(Problem to solve): Identify all lines below that hold "holes" and collect them.

Segment Open

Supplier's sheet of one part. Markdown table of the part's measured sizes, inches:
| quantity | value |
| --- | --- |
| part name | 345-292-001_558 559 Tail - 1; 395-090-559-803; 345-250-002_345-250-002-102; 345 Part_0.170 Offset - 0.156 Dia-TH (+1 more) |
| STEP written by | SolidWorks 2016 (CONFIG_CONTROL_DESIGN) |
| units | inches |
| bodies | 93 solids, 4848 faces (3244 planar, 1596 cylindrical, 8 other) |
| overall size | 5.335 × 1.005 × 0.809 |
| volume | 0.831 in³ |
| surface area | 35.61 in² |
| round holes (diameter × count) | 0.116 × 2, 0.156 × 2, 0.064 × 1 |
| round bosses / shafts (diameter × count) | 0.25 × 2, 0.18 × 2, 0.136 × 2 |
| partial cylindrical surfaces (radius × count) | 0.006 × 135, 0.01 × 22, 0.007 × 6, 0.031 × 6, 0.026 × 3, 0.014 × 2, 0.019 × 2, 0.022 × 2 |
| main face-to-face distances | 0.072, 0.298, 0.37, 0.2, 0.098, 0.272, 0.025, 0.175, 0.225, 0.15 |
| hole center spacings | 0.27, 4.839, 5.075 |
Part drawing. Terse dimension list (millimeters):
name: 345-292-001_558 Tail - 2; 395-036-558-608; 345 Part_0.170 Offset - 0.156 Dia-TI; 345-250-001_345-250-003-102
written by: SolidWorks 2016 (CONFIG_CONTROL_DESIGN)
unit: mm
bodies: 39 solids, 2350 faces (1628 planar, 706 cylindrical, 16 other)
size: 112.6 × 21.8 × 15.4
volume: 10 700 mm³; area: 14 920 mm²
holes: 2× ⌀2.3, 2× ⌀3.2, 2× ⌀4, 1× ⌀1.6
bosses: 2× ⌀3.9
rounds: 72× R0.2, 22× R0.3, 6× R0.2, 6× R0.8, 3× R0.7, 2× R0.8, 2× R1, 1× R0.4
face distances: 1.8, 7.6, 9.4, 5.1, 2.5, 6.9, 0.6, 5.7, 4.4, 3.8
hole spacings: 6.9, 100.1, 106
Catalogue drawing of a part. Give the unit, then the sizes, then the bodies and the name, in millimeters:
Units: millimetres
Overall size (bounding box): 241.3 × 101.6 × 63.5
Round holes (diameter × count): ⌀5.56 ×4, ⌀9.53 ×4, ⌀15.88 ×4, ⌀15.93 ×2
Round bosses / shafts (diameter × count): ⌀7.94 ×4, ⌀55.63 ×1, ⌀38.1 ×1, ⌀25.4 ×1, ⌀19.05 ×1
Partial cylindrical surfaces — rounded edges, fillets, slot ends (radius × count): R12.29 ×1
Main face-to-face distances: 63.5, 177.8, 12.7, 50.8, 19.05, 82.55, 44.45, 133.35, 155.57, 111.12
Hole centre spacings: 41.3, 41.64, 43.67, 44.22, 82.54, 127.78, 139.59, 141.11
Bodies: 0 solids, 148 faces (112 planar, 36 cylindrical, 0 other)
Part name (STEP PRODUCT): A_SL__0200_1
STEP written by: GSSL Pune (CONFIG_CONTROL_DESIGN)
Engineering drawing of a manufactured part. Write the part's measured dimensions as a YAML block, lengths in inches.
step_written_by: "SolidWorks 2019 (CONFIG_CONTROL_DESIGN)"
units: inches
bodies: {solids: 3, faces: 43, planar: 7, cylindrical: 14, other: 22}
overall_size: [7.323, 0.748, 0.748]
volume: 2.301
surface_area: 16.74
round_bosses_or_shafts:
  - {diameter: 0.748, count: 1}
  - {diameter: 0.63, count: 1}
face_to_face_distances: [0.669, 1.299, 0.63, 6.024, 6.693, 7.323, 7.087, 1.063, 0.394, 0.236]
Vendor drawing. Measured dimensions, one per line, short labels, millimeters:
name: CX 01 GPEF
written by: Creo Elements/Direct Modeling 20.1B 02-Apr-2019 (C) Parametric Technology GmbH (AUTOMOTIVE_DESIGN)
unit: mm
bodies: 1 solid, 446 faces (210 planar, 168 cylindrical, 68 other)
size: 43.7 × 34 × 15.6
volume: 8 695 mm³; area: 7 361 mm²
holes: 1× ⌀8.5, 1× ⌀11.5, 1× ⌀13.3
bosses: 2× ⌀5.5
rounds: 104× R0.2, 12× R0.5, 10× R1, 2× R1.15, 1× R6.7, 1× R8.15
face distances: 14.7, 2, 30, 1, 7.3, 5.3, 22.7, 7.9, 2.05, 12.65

Segment Closed

(Written response):
| round holes (diameter × count) | 0.116 × 2, 0.156 × 2, 0.064 × 1 |
holes: 2× ⌀2.3, 2× ⌀3.2, 2× ⌀4, 1× ⌀1.6
Round holes (diameter × count): ⌀5.56 ×4, ⌀9.53 ×4, ⌀15.88 ×4, ⌀15.93 ×2
holes: 1× ⌀8.5, 1× ⌀11.5, 1× ⌀13.3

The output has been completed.